Two and a half years ago, I visited Uluru for the second time. As we stepped out onto the tarmac at Ayers Rock Airport at midday local time, the first thing that struck me was intense colour and light.  Glowing ochre earth, blue sky, pearl white ghost gums – and Uluru itself in the distance, dusky pink

Uluru, an iron-rich sandstone monolith arising from the heart of Australia, is sacred to the indigenous traditional owners, the Anangu.  It tells their stories, it shows the actions of the Spirit Ancestors in their violent conflicts during the Dreamtime, displaying evidence of their falls, their spear-thrusts, their lost shields.  Uluru itself has a strong, brooding presence, which you begin to feel as soon as you see it, and which grows as you approach and gaze. 

It speaks with its changing colours, amber, fiery red, deep brown, depending how the light falls upon it at different times of day, and its knife-edge shadows and fissures, flaking surfaces, indentations, pockmarks, wave-like effects, and most outstanding of all, the skull formation.

Skull Formation
Skull Formation

  On another level, it almost seems like a giant plasticine model which a giant has pressed his fingers into or dragged a comb down, or stippled and stabbed with a palette knife. 

For many visitors, this central icon of Australia is inextricably linked with the idea of climbing to the top.  “Go to Australia: climb Ayers Rock”. But, warn the signs at the Aboriginal Cultural Centre, “The Anangu ask that you respect our traditions and customs, and choose not to climb it.”

We caught the shuttle from the Yulara resort, planning to do the base walk.  On the 9.2 kilometre trail around the Rock, it was evident that the number of fenced-off sacred areas had been increased since my last visit, pushing the path further out.  And yet despite this, a walk around Uluru is full of marvels.  The trees and shrubs are all much greener than you might imagine – the wattles, the fig trees, the desert bottlebrush.  The aboriginal cave-paintings fill you with wonder, every experience defeats your expectations – none more so than the Mutitjulu Waterhole.  We came upon it unexpectedly, tranquil and mysterious, the Rock’s multi-dimensional character reflected in its quiet waters.

Uluru glowing at sunrise
Uluru glowing at sunrise

The feeling I brought away with me after walking round the Rock was almost that of walking round a great and beautiful cathedral, imprinted with the devotion of many centuries.
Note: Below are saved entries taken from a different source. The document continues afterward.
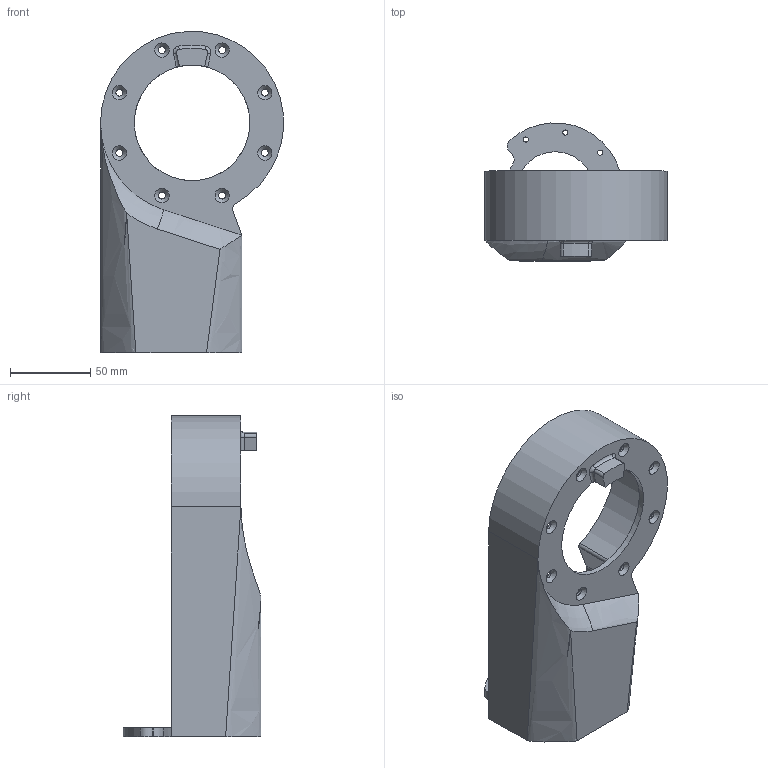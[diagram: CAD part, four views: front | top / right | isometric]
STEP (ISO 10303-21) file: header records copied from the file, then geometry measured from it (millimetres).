
FILE_DESCRIPTION(/* description */ ('STEP AP242 Edition 2','CAx-IF Rec.Pracs.---Representation and Presentation of Product Manufacturing Information (PMI)---4.0---2014-10-13','CAx-IF Rec.Pracs.---3D Tessellated Geometry---0.4---2014-09-14','2;1','CAx-IF Rec.Pracs.---User Defined Attributes---1.5---2016-08-15'),/* implementation_level */ '2;1');
FILE_NAME(/* name */ 'Assy_ForMFG - KD-C-201R_UpBicepDrive',/* time_stamp */ '2026-05-15T19:56:29Z',/* author */ (''),/* organization */ (''),/* preprocessor_version */ 'ST-DEVELOPER v20',/* originating_system */ 'ONSHAPE BY PTC INC, 1.215',/* authorisation */ ' ');
FILE_SCHEMA (('AP242_MANAGED_MODEL_BASED_3D_ENGINEERING_MIM_LF { 1 0 10303 442 3 1 4 }'));
Length unit declared in the file: metre
Products named in the file (1): KD-C-201R_UpBicepDrive
Bounding box: 113.9 x 85.9 x 199.92 mm (x, y, z)
Volume: 114122.3 mm3; surface area: 82327.8 mm2
Topology: 1 solids, 1 shells, 151 faces, 396 edges, 246 vertices
Faces by surface type: cylinder 66, plane 36, bspline 34, cone 10, torus 3, sphere 2
Full cylindrical faces by diameter (mm): 3.2 x7, 3.3 x2, 4.3 x8, 6.5 x7, 48 x1, 72 x1
Entity records: 7593 total; most frequent: CARTESIAN_POINT 4178, ORIENTED_EDGE 688, DIRECTION 651, EDGE_CURVE 344, AXIS2_PLACEMENT_3D 275, VERTEX_POINT 242, FACE_BOUND 232, EDGE_LOOP 230
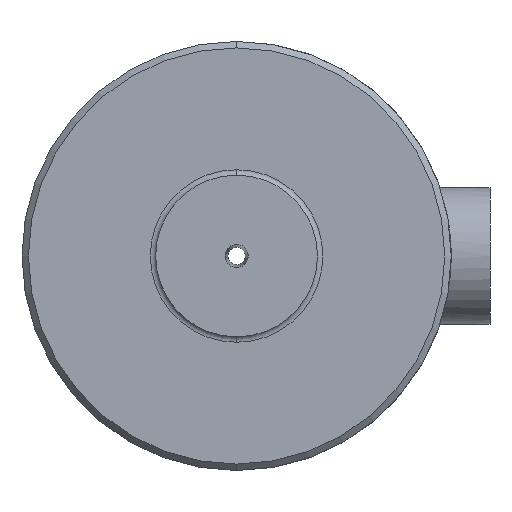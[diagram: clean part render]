
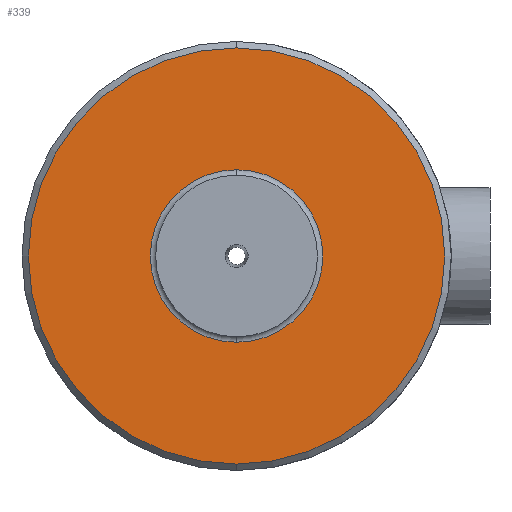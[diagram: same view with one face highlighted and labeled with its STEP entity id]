
A CAD part, front view. The second image highlights one B-rep face of the part: STEP entity #339.
In plain terms, the highlighted planar face has unit normal (0, -1, 0).
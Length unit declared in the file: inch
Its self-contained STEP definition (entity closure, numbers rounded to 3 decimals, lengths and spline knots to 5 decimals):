
#12 = CARTESIAN_POINT ( 'NONE',  ( 0., -1., -0.965 ) ) ;
#13 = CARTESIAN_POINT ( 'NONE',  ( 0., -1., 0.965 ) ) ;
#14 = DIRECTION ( 'NONE',  ( 0., 0., 1. ) ) ;
#59 = EDGE_CURVE ( 'NONE', #60, #61, #532, .T. ) ;
#60 = VERTEX_POINT ( 'NONE', #527 ) ;
#61 = VERTEX_POINT ( 'NONE', #526 ) ;
#147 = EDGE_CURVE ( 'NONE', #148, #149, #668, .T. ) ;
#148 = VERTEX_POINT ( 'NONE', #13 ) ;
#149 = VERTEX_POINT ( 'NONE', #12 ) ;
#337 = ORIENTED_EDGE ( 'NONE', *, *, #59, .T. ) ;
#338 = EDGE_LOOP ( 'NONE', ( #442, #458 ) ) ;
#339 = ADVANCED_FACE ( 'NONE', ( #1095, #1094 ), #1103, .T. ) ;
#441 = ORIENTED_EDGE ( 'NONE', *, *, #455, .T. ) ;
#442 = ORIENTED_EDGE ( 'NONE', *, *, #147, .F. ) ;
#455 = EDGE_CURVE ( 'NONE', #61, #60, #746, .T. ) ;
#457 = EDGE_LOOP ( 'NONE', ( #441, #337 ) ) ;
#458 = ORIENTED_EDGE ( 'NONE', *, *, #459, .F. ) ;
#459 = EDGE_CURVE ( 'NONE', #149, #148, #738, .T. ) ;
#526 = CARTESIAN_POINT ( 'NONE',  ( 0., -1., 0.4 ) ) ;
#527 = CARTESIAN_POINT ( 'NONE',  ( 0., -1., -0.4 ) ) ;
#528 = DIRECTION ( 'NONE',  ( 0., 0., 1. ) ) ;
#529 = DIRECTION ( 'NONE',  ( 0., 1., 0. ) ) ;
#530 = CARTESIAN_POINT ( 'NONE',  ( 0., -1., 0. ) ) ;
#531 = AXIS2_PLACEMENT_3D ( 'NONE', #530, #529, #528 ) ;
#532 = CIRCLE ( 'NONE', #531, 0.4 ) ;
#665 = DIRECTION ( 'NONE',  ( 0., 1., 0. ) ) ;
#666 = CARTESIAN_POINT ( 'NONE',  ( 0., -1., 0. ) ) ;
#667 = AXIS2_PLACEMENT_3D ( 'NONE', #666, #665, #14 ) ;
#668 = CIRCLE ( 'NONE', #667, 0.965 ) ;
#734 = DIRECTION ( 'NONE',  ( 0., 0., 1. ) ) ;
#735 = DIRECTION ( 'NONE',  ( 0., 1., 0. ) ) ;
#736 = CARTESIAN_POINT ( 'NONE',  ( 0., -1., 0. ) ) ;
#737 = AXIS2_PLACEMENT_3D ( 'NONE', #736, #735, #734 ) ;
#738 = CIRCLE ( 'NONE', #737, 0.965 ) ;
#739 = DIRECTION ( 'NONE',  ( 0., 0., 1. ) ) ;
#740 = DIRECTION ( 'NONE',  ( 0., 1., 0. ) ) ;
#741 = CARTESIAN_POINT ( 'NONE',  ( 0., -1., 0. ) ) ;
#742 = AXIS2_PLACEMENT_3D ( 'NONE', #741, #740, #739 ) ;
#746 = CIRCLE ( 'NONE', #742, 0.4 ) ;
#1088 = DIRECTION ( 'NONE',  ( 0., 0., -1. ) ) ;
#1089 = AXIS2_PLACEMENT_3D ( 'NONE', #1091, #1090, #1088 ) ;
#1090 = DIRECTION ( 'NONE',  ( 0., -1., 0. ) ) ;
#1091 = CARTESIAN_POINT ( 'NONE',  ( 0.965, -1., 0. ) ) ;
#1094 = FACE_OUTER_BOUND ( 'NONE', #338, .T. ) ;
#1095 = FACE_BOUND ( 'NONE', #457, .T. ) ;
#1103 = PLANE ( 'NONE',  #1089 ) ;
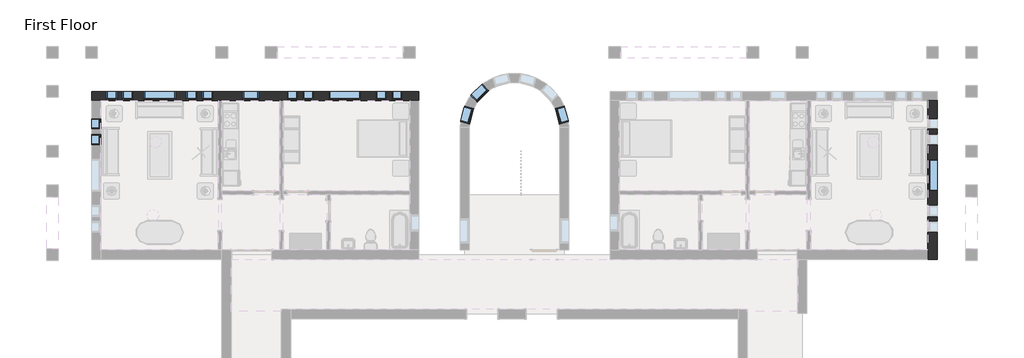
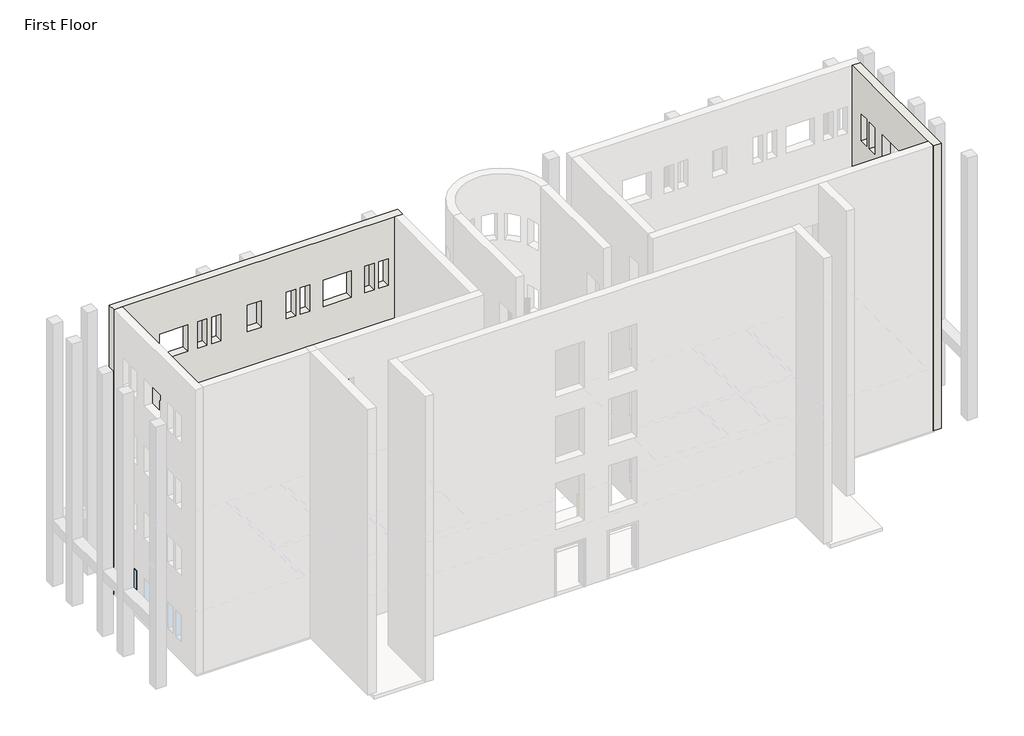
# One storey, part 14 of 23: 17 windows, 2 walls.
"""IFC4 building model written with IfcOpenShell, lengths in millimetres."""

from ifc_helpers import new_model, si_unit, origin, place, context, project, spatial, faceted_brep, transform, mapped, element, save
from components import m_fixed_0406_x_1220mm_57fee329, m_fixed_0406_x_1220mm_85c28f40, m_fixed_0610_x_1220mm_2c28ef1d, m_fixed_0610_x_1220mm_1ea27827, m_fixed_1220_x_1220mm_e08ff7af, m_fixed_1220_x_1220mm_8f5f8ad3

model = new_model("IFC4")

# Units and contexts
model_context = context("Model", 3, world=origin())
ifc_project = project(units=[si_unit("LENGTHUNIT", "METRE", prefix="MILLI")], contexts=[model_context])

# Site, building, storey
site = spatial("IfcSite", under=ifc_project)
building = spatial("IfcBuilding", under=site)
storey = spatial("IfcBuildingStorey", under=building, Name="First Floor", Elevation=0.0)

# Walls
placement = place(None, origin())
element("IfcWall", 1, ObjectType="Exterior - Brick on Mtl. Stud", at=placement, inside=storey, context=model_context, shape_type="Brep", body=[
    faceted_brep([(-3093.3416203, 2406.1188386, 0.0), (-3093.3416203, -3339.8811614, 0.0), (-3093.3416203, -3504.8811614, 0.0), (-3093.3416203, -3689.8811614, 0.0), (-3093.3416203, -3689.8811614, 13107.0), (-3093.3416203, -3339.8811614, 13107.0), (-3093.3416203, 2406.1188386, 13107.0), (-3093.3416203, -1076.8811614, 915.0), (-3093.3416203, 143.1188386, 915.0), (-3093.3416203, 143.1188386, 2135.0), (-3093.3416203, -1076.8811614, 2135.0), (-3093.3416203, 701.1188386, 915.0), (-3093.3416203, 1107.1188386, 915.0), (-3093.3416203, 1107.1188386, 2135.0), (-3093.3416203, 701.1188386, 2135.0), (-3093.3416203, 1311.1188386, 915.0), (-3093.3416203, 1717.1188386, 915.0), (-3093.3416203, 1717.1188386, 2135.0), (-3093.3416203, 1311.1188386, 2135.0), (-3093.3416203, -1634.8811614, 915.0), (-3093.3416203, -1634.8811614, 2135.0), (-3093.3416203, -2040.8811614, 2135.0), (-3093.3416203, -2040.8811614, 915.0), (-3093.3416203, -2244.8811614, 915.0), (-3093.3416203, -2244.8811614, 2135.0), (-3093.3416203, -2650.8811614, 2135.0), (-3093.3416203, -2650.8811614, 915.0), (-3093.3416203, -1634.8811614, 10059.0), (-3093.3416203, -1634.8811614, 11279.0), (-3093.3416203, -2040.8811614, 11279.0), (-3093.3416203, -2040.8811614, 10059.0), (-3093.3416203, -2244.8811614, 10059.0), (-3093.3416203, -2244.8811614, 11279.0), (-3093.3416203, -2650.8811614, 11279.0), (-3093.3416203, -2650.8811614, 10059.0), (-3093.3416203, 701.1188386, 10059.0), (-3093.3416203, 1107.1188386, 10059.0), (-3093.3416203, 1107.1188386, 11279.0), (-3093.3416203, 701.1188386, 11279.0), (-3093.3416203, 1311.1188386, 10059.0), (-3093.3416203, 1717.1188386, 10059.0), (-3093.3416203, 1717.1188386, 11279.0), (-3093.3416203, 1311.1188386, 11279.0), (-3093.3416203, -1076.8811614, 10059.0), (-3093.3416203, 143.1188386, 10059.0), (-3093.3416203, 143.1188386, 11279.0), (-3093.3416203, -1076.8811614, 11279.0), (-3093.3416203, -1634.8811614, 3963.0), (-3093.3416203, -1634.8811614, 5183.0), (-3093.3416203, -2040.8811614, 5183.0), (-3093.3416203, -2040.8811614, 3963.0), (-3093.3416203, -2244.8811614, 3963.0), (-3093.3416203, -2244.8811614, 5183.0), (-3093.3416203, -2650.8811614, 5183.0), (-3093.3416203, -2650.8811614, 3963.0), (-3093.3416203, 701.1188386, 3963.0), (-3093.3416203, 1107.1188386, 3963.0), (-3093.3416203, 1107.1188386, 5183.0), (-3093.3416203, 701.1188386, 5183.0), (-3093.3416203, 1311.1188386, 3963.0), (-3093.3416203, 1717.1188386, 3963.0), (-3093.3416203, 1717.1188386, 5183.0), (-3093.3416203, 1311.1188386, 5183.0), (-3093.3416203, -1076.8811614, 3963.0), (-3093.3416203, 143.1188386, 3963.0), (-3093.3416203, 143.1188386, 5183.0), (-3093.3416203, -1076.8811614, 5183.0), (-3093.3416203, -1634.8811614, 7011.0), (-3093.3416203, -1634.8811614, 8231.0), (-3093.3416203, -2040.8811614, 8231.0), (-3093.3416203, -2040.8811614, 7011.0), (-3093.3416203, -2244.8811614, 7011.0), (-3093.3416203, -2244.8811614, 8231.0), (-3093.3416203, -2650.8811614, 8231.0), (-3093.3416203, -2650.8811614, 7011.0), (-3093.3416203, 701.1188386, 7011.0), (-3093.3416203, 1107.1188386, 7011.0), (-3093.3416203, 1107.1188386, 8231.0), (-3093.3416203, 701.1188386, 8231.0), (-3093.3416203, 1311.1188386, 7011.0), (-3093.3416203, 1717.1188386, 7011.0), (-3093.3416203, 1717.1188386, 8231.0), (-3093.3416203, 1311.1188386, 8231.0), (-3093.3416203, -1076.8811614, 7011.0), (-3093.3416203, 143.1188386, 7011.0), (-3093.3416203, 143.1188386, 8231.0), (-3093.3416203, -1076.8811614, 8231.0), (-2743.3416203, 2406.1188386, 0.0), (-2743.3416203, 2406.1188386, 13107.0), (-2743.3416203, -3689.8811614, 13107.0), (-2743.3416203, -3689.8811614, 0.0), (-2743.3416203, -3504.8811614, 0.0), (-2743.3416203, -1076.8811614, 915.0), (-2743.3416203, -1076.8811614, 2135.0), (-2743.3416203, 143.1188386, 2135.0), (-2743.3416203, 143.1188386, 915.0), (-2743.3416203, 701.1188386, 915.0), (-2743.3416203, 701.1188386, 2135.0), (-2743.3416203, 1107.1188386, 2135.0), (-2743.3416203, 1107.1188386, 915.0), (-2743.3416203, 1311.1188386, 915.0), (-2743.3416203, 1311.1188386, 2135.0), (-2743.3416203, 1717.1188386, 2135.0), (-2743.3416203, 1717.1188386, 915.0), (-2743.3416203, -1634.8811614, 915.0), (-2743.3416203, -2040.8811614, 915.0), (-2743.3416203, -2040.8811614, 2135.0), (-2743.3416203, -1634.8811614, 2135.0), (-2743.3416203, -2244.8811614, 915.0), (-2743.3416203, -2650.8811614, 915.0), (-2743.3416203, -2650.8811614, 2135.0), (-2743.3416203, -2244.8811614, 2135.0), (-2743.3416203, -1634.8811614, 10059.0), (-2743.3416203, -2040.8811614, 10059.0), (-2743.3416203, -2040.8811614, 11279.0), (-2743.3416203, -1634.8811614, 11279.0), (-2743.3416203, -2244.8811614, 10059.0), (-2743.3416203, -2650.8811614, 10059.0), (-2743.3416203, -2650.8811614, 11279.0), (-2743.3416203, -2244.8811614, 11279.0), (-2743.3416203, 701.1188386, 10059.0), (-2743.3416203, 701.1188386, 11279.0), (-2743.3416203, 1107.1188386, 11279.0), (-2743.3416203, 1107.1188386, 10059.0), (-2743.3416203, 1311.1188386, 10059.0), (-2743.3416203, 1311.1188386, 11279.0), (-2743.3416203, 1717.1188386, 11279.0), (-2743.3416203, 1717.1188386, 10059.0), (-2743.3416203, -1076.8811614, 10059.0), (-2743.3416203, -1076.8811614, 11279.0), (-2743.3416203, 143.1188386, 11279.0), (-2743.3416203, 143.1188386, 10059.0), (-2743.3416203, -1634.8811614, 3963.0), (-2743.3416203, -2040.8811614, 3963.0), (-2743.3416203, -2040.8811614, 5183.0), (-2743.3416203, -1634.8811614, 5183.0), (-2743.3416203, -2244.8811614, 3963.0), (-2743.3416203, -2650.8811614, 3963.0), (-2743.3416203, -2650.8811614, 5183.0), (-2743.3416203, -2244.8811614, 5183.0), (-2743.3416203, 701.1188386, 3963.0), (-2743.3416203, 701.1188386, 5183.0), (-2743.3416203, 1107.1188386, 5183.0), (-2743.3416203, 1107.1188386, 3963.0), (-2743.3416203, 1311.1188386, 3963.0), (-2743.3416203, 1311.1188386, 5183.0), (-2743.3416203, 1717.1188386, 5183.0), (-2743.3416203, 1717.1188386, 3963.0), (-2743.3416203, -1076.8811614, 3963.0), (-2743.3416203, -1076.8811614, 5183.0), (-2743.3416203, 143.1188386, 5183.0), (-2743.3416203, 143.1188386, 3963.0), (-2743.3416203, -1634.8811614, 7011.0), (-2743.3416203, -2040.8811614, 7011.0), (-2743.3416203, -2040.8811614, 8231.0), (-2743.3416203, -1634.8811614, 8231.0), (-2743.3416203, -2244.8811614, 7011.0), (-2743.3416203, -2650.8811614, 7011.0), (-2743.3416203, -2650.8811614, 8231.0), (-2743.3416203, -2244.8811614, 8231.0), (-2743.3416203, 701.1188386, 7011.0), (-2743.3416203, 701.1188386, 8231.0), (-2743.3416203, 1107.1188386, 8231.0), (-2743.3416203, 1107.1188386, 7011.0), (-2743.3416203, 1311.1188386, 7011.0), (-2743.3416203, 1311.1188386, 8231.0), (-2743.3416203, 1717.1188386, 8231.0), (-2743.3416203, 1717.1188386, 7011.0), (-2743.3416203, -1076.8811614, 7011.0), (-2743.3416203, -1076.8811614, 8231.0), (-2743.3416203, 143.1188386, 8231.0), (-2743.3416203, 143.1188386, 7011.0), (-2928.3416203, -3689.8811614, 0.0), (-2928.3416203, 2406.1188386, 0.0), (-2928.3416203, -3504.8811614, 0.0)], [[[0, 1, 2, 3, 4, 5, 6], [7, 8, 9, 10], [11, 12, 13, 14], [15, 16, 17, 18], [19, 20, 21, 22], [23, 24, 25, 26], [27, 28, 29, 30], [31, 32, 33, 34], [35, 36, 37, 38], [39, 40, 41, 42], [43, 44, 45, 46], [47, 48, 49, 50], [51, 52, 53, 54], [55, 56, 57, 58], [59, 60, 61, 62], [63, 64, 65, 66], [67, 68, 69, 70], [71, 72, 73, 74], [75, 76, 77, 78], [79, 80, 81, 82], [83, 84, 85, 86]], [[87, 88, 89, 90, 91], [92, 93, 94, 95], [96, 97, 98, 99], [100, 101, 102, 103], [104, 105, 106, 107], [108, 109, 110, 111], [112, 113, 114, 115], [116, 117, 118, 119], [120, 121, 122, 123], [124, 125, 126, 127], [128, 129, 130, 131], [132, 133, 134, 135], [136, 137, 138, 139], [140, 141, 142, 143], [144, 145, 146, 147], [148, 149, 150, 151], [152, 153, 154, 155], [156, 157, 158, 159], [160, 161, 162, 163], [164, 165, 166, 167], [168, 169, 170, 171]], [[6, 5, 4, 89, 88]], [[93, 92, 7, 10]], [[94, 93, 10, 9]], [[95, 94, 9, 8]], [[92, 95, 8, 7]], [[97, 96, 11, 14]], [[98, 97, 14, 13]], [[99, 98, 13, 12]], [[96, 99, 12, 11]], [[101, 100, 15, 18]], [[102, 101, 18, 17]], [[103, 102, 17, 16]], [[100, 103, 16, 15]], [[20, 19, 104, 107]], [[21, 20, 107, 106]], [[22, 21, 106, 105]], [[19, 22, 105, 104]], [[24, 23, 108, 111]], [[25, 24, 111, 110]], [[26, 25, 110, 109]], [[23, 26, 109, 108]], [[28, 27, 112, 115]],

I can well understand how the Anangu revere the Rock, which has taken on an awesome spiritual power from the thousands of years of sacred ceremonies and teaching and story-telling centred upon it. 

For me it is another of my places of inspiration: a vist here allowed me a deeper insight into the meaning of the aboriginal culture, enriching my own understanding. Have you ever visited Uluru? How did you find the experience? And if it has only ever been a picture in a brochure, or a news report, what has been your impression of the famous “Ayers Rock”?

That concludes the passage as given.